▶ **AIM OF THE TASK**
When writing out the entries below, keep only the lines from the line with "Faces by surface type: plane 78, cylinder" to the line with "Faces by surface type: cylinder 16, plane 6", both included, exactly as they are, and leave the pictures aside.

--- GIVEN RECORDS Enclosed Below ---

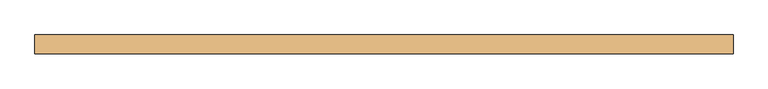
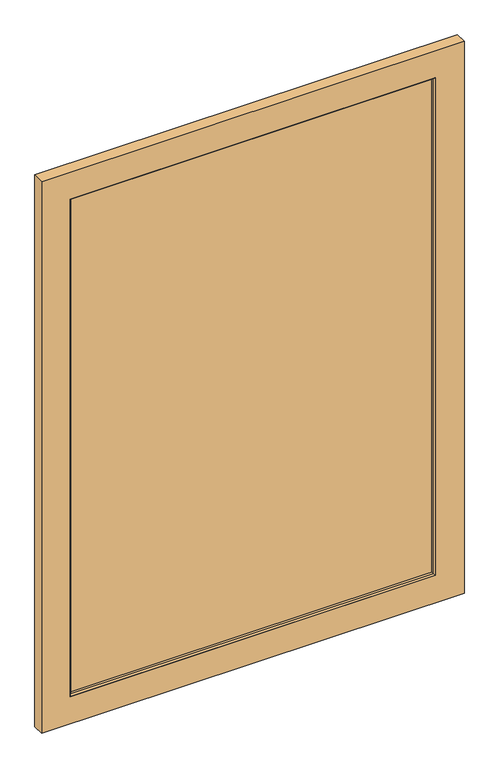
"""IFC4 building model written with IfcOpenShell, lengths in millimetres: door geometry, Planitar - Swap_Full Glass_Panel : Planitar - Swap_Full Glass_Panel."""

from ifc_helpers import new_model, si_unit, frame, origin, place, context, project, spatial, polyline, outline, extrude, faceted_brep, source, transform, mapped, element, save


def door_f6d2234c(model_context):
    return source(origin(), model_context, "Body", "SolidModel", [
        extrude(outline(polyline([(2590.8, 939.8), (2590.8, -939.8), (0.0, -939.8), (0.0, 939.8), (2590.8, 939.8)]), holes=[polyline([(127.0, 812.8), (127.0, -812.8), (2463.8, -812.8), (2463.8, 812.8), (127.0, 812.8)])]), frame((0.0, -25.4, 0.0), z_axis=(0.0, 1.0, 0.0), x_axis=(0.0, 0.0, 1.0)), (0.0, 0.0, 1.0), 50.8),
        extrude(outline(polyline([(806.45, 6.35), (806.45, -6.35), (-806.45, -6.35), (-806.45, 6.35), (806.45, 6.35)])), frame((0.0, 0.0, 133.35), z_axis=(0.0, 0.0, 1.0), x_axis=(1.0, 0.0, 0.0)), (0.0, 0.0, 1.0), 2324.1),
        faceted_brep([(806.45, -19.05, 133.35), (-806.45, -19.05, 133.35), (-812.8, -25.4, 127.0), (812.8, -25.4, 127.0), (-806.45, -19.05, 2457.45), (-812.8, -25.4, 2463.8), (-812.8, 25.4, 2463.8), (-812.8, 25.4, 127.0), (-806.45, 19.05, 133.35), (-806.45, 19.05, 2457.45), (806.45, 19.05, 133.35), (812.8, 25.4, 127.0), (806.45, -19.05, 2457.45), (812.8, -25.4, 2463.8), (812.8, 25.4, 2463.8), (806.45, 19.05, 2457.45)], [[[0, 1, 2, 3]], [[1, 4, 5, 2]], [[2, 5, 6, 7]], [[1, 8, 9, 4]], [[7, 6, 9, 8]], [[10, 8, 1, 0]], [[11, 7, 8, 10]], [[3, 2, 7, 11]], [[12, 0, 3, 13]], [[13, 3, 11, 14]], [[15, 10, 0, 12]], [[14, 11, 10, 15]], [[4, 12, 13, 5]], [[9, 15, 12, 4]], [[6, 14, 15, 9]], [[5, 13, 14, 6]]]),
    ])


if __name__ == "__main__":
    model = new_model("IFC4")
    model_context = context("Model", 3, world=origin())
    ifc_project = project(units=[si_unit("LENGTHUNIT", "METRE", prefix="MILLI")], contexts=[model_context])
    site = spatial("IfcSite", under=ifc_project)
    building = spatial("IfcBuilding", under=site)
    placement = place(None, origin())
    door_shape = door_f6d2234c(model_context)
    element("IfcDoor", 1, ObjectType="Planitar - Swap_Full Glass_Panel : Planitar - Swap_Full Glass_Panel", at=placement, inside=building, context=model_context, shape_type="MappedRepresentation", body=[
        mapped(door_shape, transform((0.0, 0.0, 0.0), x_axis=(1.0, 0.0, 0.0), y_axis=(0.0, 1.0, 0.0), z_axis=(0.0, 0.0, 1.0))),
    ])
    save(model, "model.ifc")
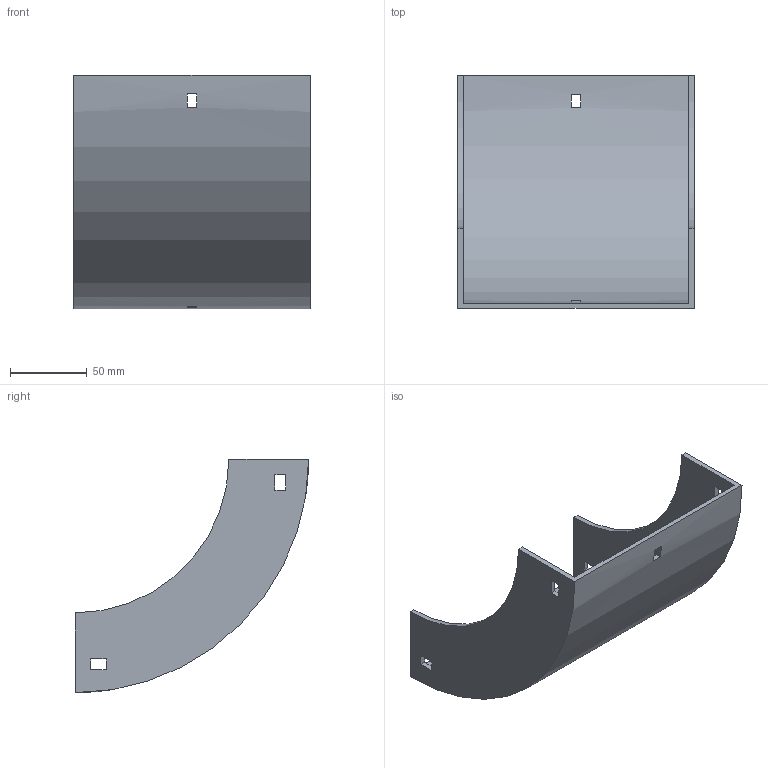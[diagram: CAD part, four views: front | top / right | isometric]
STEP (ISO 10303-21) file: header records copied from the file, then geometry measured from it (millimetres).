
FILE_DESCRIPTION (( 'STEP AP214' ), '1' );
FILE_NAME ('30B1B150.step', '2025-02-21T09:49:31', ( '' ), ( '' ), 'SwSTEP 2.0', 'SolidWorks 2023', '' );
FILE_SCHEMA (( 'AUTOMOTIVE_DESIGN' ));
Length unit declared in the file: millimetre
Products named in the file (1): 30B1B150
Bounding box: 154 x 152 x 152 mm (x, y, z)
Volume: 192079.2 mm3; surface area: 113329.7 mm2
Topology: 1 solids, 1 shells, 34 faces, 96 edges, 64 vertices
Faces by surface type: plane 30, cylinder 4
Entity records: 1143 total; most frequent: CARTESIAN_POINT 195, ORIENTED_EDGE 192, DIRECTION 182, EDGE_CURVE 96, VECTOR 80, LINE 80, VERTEX_POINT 64, AXIS2_PLACEMENT_3D 51
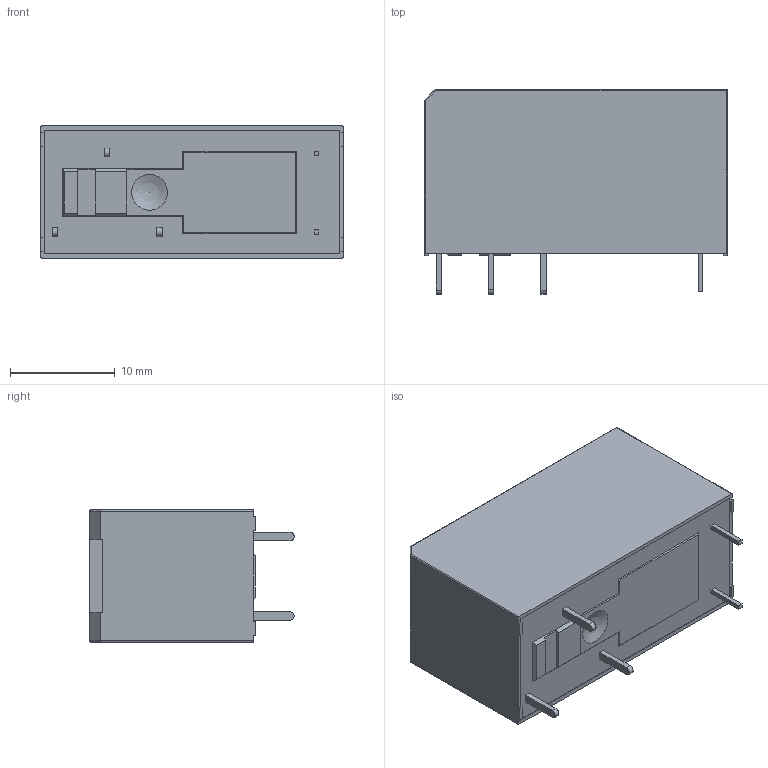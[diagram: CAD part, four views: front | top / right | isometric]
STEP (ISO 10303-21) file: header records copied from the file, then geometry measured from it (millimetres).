
FILE_DESCRIPTION (( 'STEP AP203' ), '1' );
FILE_NAME ('R2G-1C(5.0拻褐) 俋倛.STEP', '2022-12-09T10:15:30', ( '' ), ( '' ), 'SwSTEP 2.0', 'SolidWorks 2018', '' );
FILE_SCHEMA (( 'CONFIG_CONTROL_DESIGN' ));
Length unit declared in the file: millimetre
Products named in the file (1): R2G-1C(5.0拻褐) 俋倛
Bounding box: 28.9 x 19.5 x 12.6 mm (x, y, z)
Volume: 5652.8 mm3; surface area: 2089.8 mm2
Topology: 1 solids, 1 shells, 104 faces, 263 edges, 170 vertices
Faces by surface type: plane 78, cylinder 22, sphere 4
Entity records: 3116 total; most frequent: CARTESIAN_POINT 542, ORIENTED_EDGE 514, DIRECTION 501, EDGE_CURVE 257, VECTOR 215, LINE 215, VERTEX_POINT 168, AXIS2_PLACEMENT_3D 143
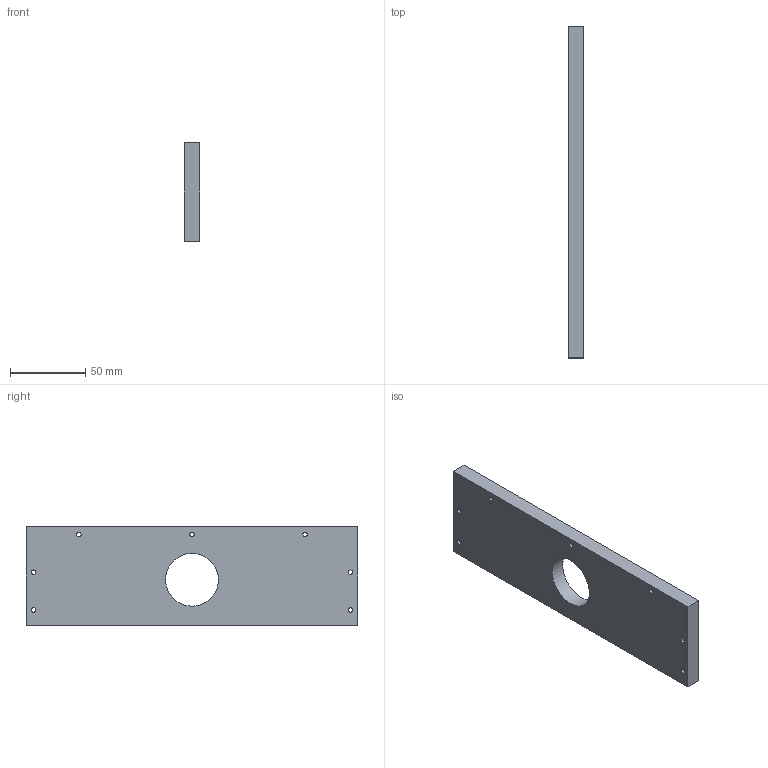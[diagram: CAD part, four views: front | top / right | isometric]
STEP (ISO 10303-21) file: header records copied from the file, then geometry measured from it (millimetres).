
FILE_DESCRIPTION(('CATIA V5 STEP Exchange'),'2;1');
FILE_NAME('E:\CNC\CNC_REV3_PLAN_FINAL\FICHIERS POUR USINAGE DES PIECES PORTIQUE\PIECES_AVEC_TROU\AxeZ_Top.stp','2016-09-06T20:13:20+00:00',('none'),('none'),'CATIA Version 5 Release 19 SP 2 (IN-10)','CATIA V5 STEP AP203','none');
FILE_SCHEMA(('CONFIG_CONTROL_DESIGN'));
Length unit declared in the file: millimetre
Products named in the file (1): AxeZ_Haut
Bounding box: 10 x 220 x 65 mm (x, y, z)
Volume: 132884.1 mm3; surface area: 34036.1 mm2
Topology: 1 solids, 1 shells, 22 faces, 60 edges, 40 vertices
Faces by surface type: cylinder 16, plane 6
Entity records: 718 total; most frequent: ORIENTED_EDGE 120, CARTESIAN_POINT 115, DIRECTION 88, EDGE_CURVE 60, AXIS2_PLACEMENT_3D 47, VERTEX_POINT 40, EDGE_LOOP 38, CIRCLE 32
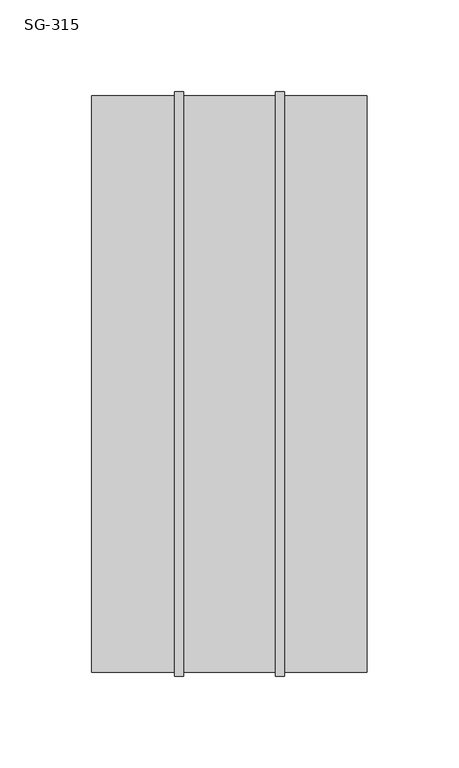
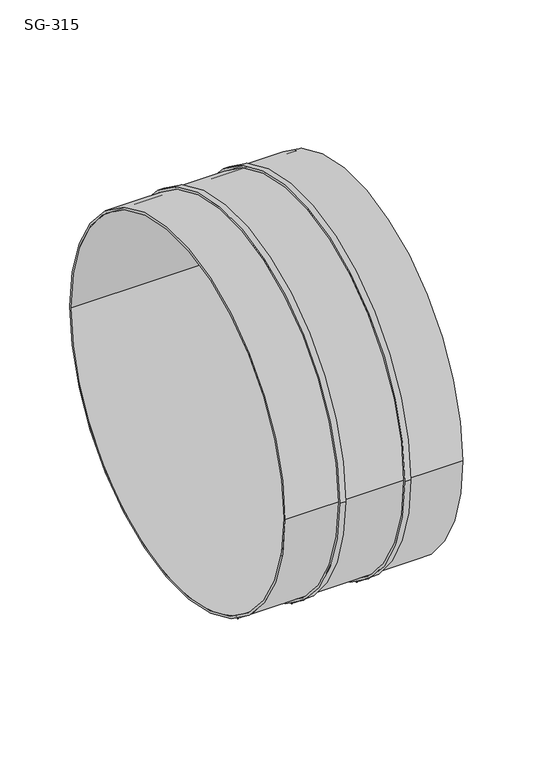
"""IFC4 building model written with IfcOpenShell, lengths in millimetres: damper geometry, СВ_ГибкаяВставка_КанальнаяКруглая_DN100-315_SG : SG-315."""

from ifc_helpers import new_model, si_unit, point, frame, origin, origin_2d, place, context, project, spatial, circle_curve, trimmed, segment, composite_curve, outline, extrude, source, transform, mapped, element, save


def sg_315_5ef0e3f3(model_context):
    return source(origin(), model_context, "Body", "SweptSolid", [
        extrude(outline(composite_curve([segment(trimmed(circle_curve(origin_2d(), 159.0), [point((-159.0, 0.0))], [point((159.0, 0.0))], False, "CARTESIAN"), True, "CONTINUOUS"), segment(trimmed(circle_curve(origin_2d(), 159.0), [point((159.0, 0.0))], [point((-159.0, 0.0))], False, "CARTESIAN"), True, "CONTINUOUS")], self_intersect=False), holes=[composite_curve([segment(trimmed(circle_curve(origin_2d(), 157.0), [point((-157.0, 0.0))], [point((157.0, 0.0))], True, "CARTESIAN"), True, "CONTINUOUS"), segment(trimmed(circle_curve(origin_2d(), 157.0), [point((157.0, 0.0))], [point((-157.0, 0.0))], True, "CARTESIAN"), True, "CONTINUOUS")], self_intersect=False)]), frame((25.0, 0.0, 0.0), z_axis=(1.0, 0.0, 0.0), x_axis=(0.0, 1.0, 0.0)), (0.0, 0.0, 1.0), 5.0),
        extrude(outline(composite_curve([segment(trimmed(circle_curve(origin_2d(), 159.0), [point((-159.0, 0.0))], [point((159.0, 0.0))], False, "CARTESIAN"), True, "CONTINUOUS"), segment(trimmed(circle_curve(origin_2d(), 159.0), [point((159.0, 0.0))], [point((-159.0, 0.0))], False, "CARTESIAN"), True, "CONTINUOUS")], self_intersect=False), holes=[composite_curve([segment(trimmed(circle_curve(origin_2d(), 157.0), [point((-157.0, 0.0))], [point((157.0, 0.0))], True, "CARTESIAN"), True, "CONTINUOUS"), segment(trimmed(circle_curve(origin_2d(), 157.0), [point((157.0, 0.0))], [point((-157.0, 0.0))], True, "CARTESIAN"), True, "CONTINUOUS")], self_intersect=False)]), frame((-30.0, 0.0, 0.0), z_axis=(1.0, 0.0, 0.0), x_axis=(0.0, 1.0, 0.0)), (0.0, 0.0, 1.0), 5.0),
        extrude(outline(composite_curve([segment(trimmed(circle_curve(origin_2d(), 157.0), [point((-157.0, 0.0))], [point((157.0, 0.0))], False, "CARTESIAN"), True, "CONTINUOUS"), segment(trimmed(circle_curve(origin_2d(), 157.0), [point((157.0, 0.0))], [point((-157.0, 0.0))], False, "CARTESIAN"), True, "CONTINUOUS")], self_intersect=False), holes=[composite_curve([segment(trimmed(circle_curve(origin_2d(), 155.0), [point((-155.0, 0.0))], [point((155.0, 0.0))], True, "CARTESIAN"), True, "CONTINUOUS"), segment(trimmed(circle_curve(origin_2d(), 155.0), [point((155.0, 0.0))], [point((-155.0, 0.0))], True, "CARTESIAN"), True, "CONTINUOUS")], self_intersect=False)]), frame((-75.0, 0.0, 0.0), z_axis=(1.0, 0.0, 0.0), x_axis=(0.0, 1.0, 0.0)), (0.0, 0.0, 1.0), 150.0),
    ])


if __name__ == "__main__":
    model = new_model("IFC4")
    model_context = context("Model", 3, world=origin())
    ifc_project = project(units=[si_unit("LENGTHUNIT", "METRE", prefix="MILLI")], contexts=[model_context])
    site = spatial("IfcSite", under=ifc_project)
    building = spatial("IfcBuilding", under=site)
    placement = place(None, origin())
    sg_315_shape = sg_315_5ef0e3f3(model_context)
    element("IfcDamper", 1, ObjectType="СВ_ГибкаяВставка_КанальнаяКруглая_DN100-315_SG : SG-315", at=placement, inside=building, context=model_context, shape_type="MappedRepresentation", body=[
        mapped(sg_315_shape, transform((0.0, 0.0, 0.0), x_axis=(1.0, 0.0, 0.0), y_axis=(0.0, 1.0, 0.0), z_axis=(0.0, 0.0, 1.0))),
    ])
    save(model, "model.ifc")

--- End of Enclosed GIVEN RECORDS ---

▶ **ANSWER SPACE**
Faces by surface type: plane 78, cylinder 22, sphere 4
Entity records: 3116 total; most frequent: CARTESIAN_POINT 542, ORIENTED_EDGE 514, DIRECTION 501, EDGE_CURVE 257, VECTOR 215, LINE 215, VERTEX_POINT 168, AXIS2_PLACEMENT_3D 143
[diagram: CAD part, four views: front | top / right | isometric]
STEP (ISO 10303-21) file: header records copied from the file, then geometry measured from it (millimetres).
FILE_DESCRIPTION(('CATIA V5 STEP Exchange'),'2;1');
FILE_NAME('E:\CNC\CNC_REV3_PLAN_FINAL\FICHIERS POUR USINAGE DES PIECES PORTIQUE\PIECES_AVEC_TROU\AxeZ_Top.stp','2016-09-06T20:13:20+00:00',('none'),('none'),'CATIA Version 5 Release 19 SP 2 (IN-10)','CATIA V5 STEP AP203','none');
FILE_SCHEMA(('CONFIG_CONTROL_DESIGN'));
Length unit declared in the file: millimetre
Products named in the file (1): AxeZ_Haut
Bounding box: 10 x 220 x 65 mm (x, y, z)
Volume: 132884.1 mm3; surface area: 34036.1 mm2
Topology: 1 solids, 1 shells, 22 faces, 60 edges, 40 vertices
Faces by surface type: cylinder 16, plane 6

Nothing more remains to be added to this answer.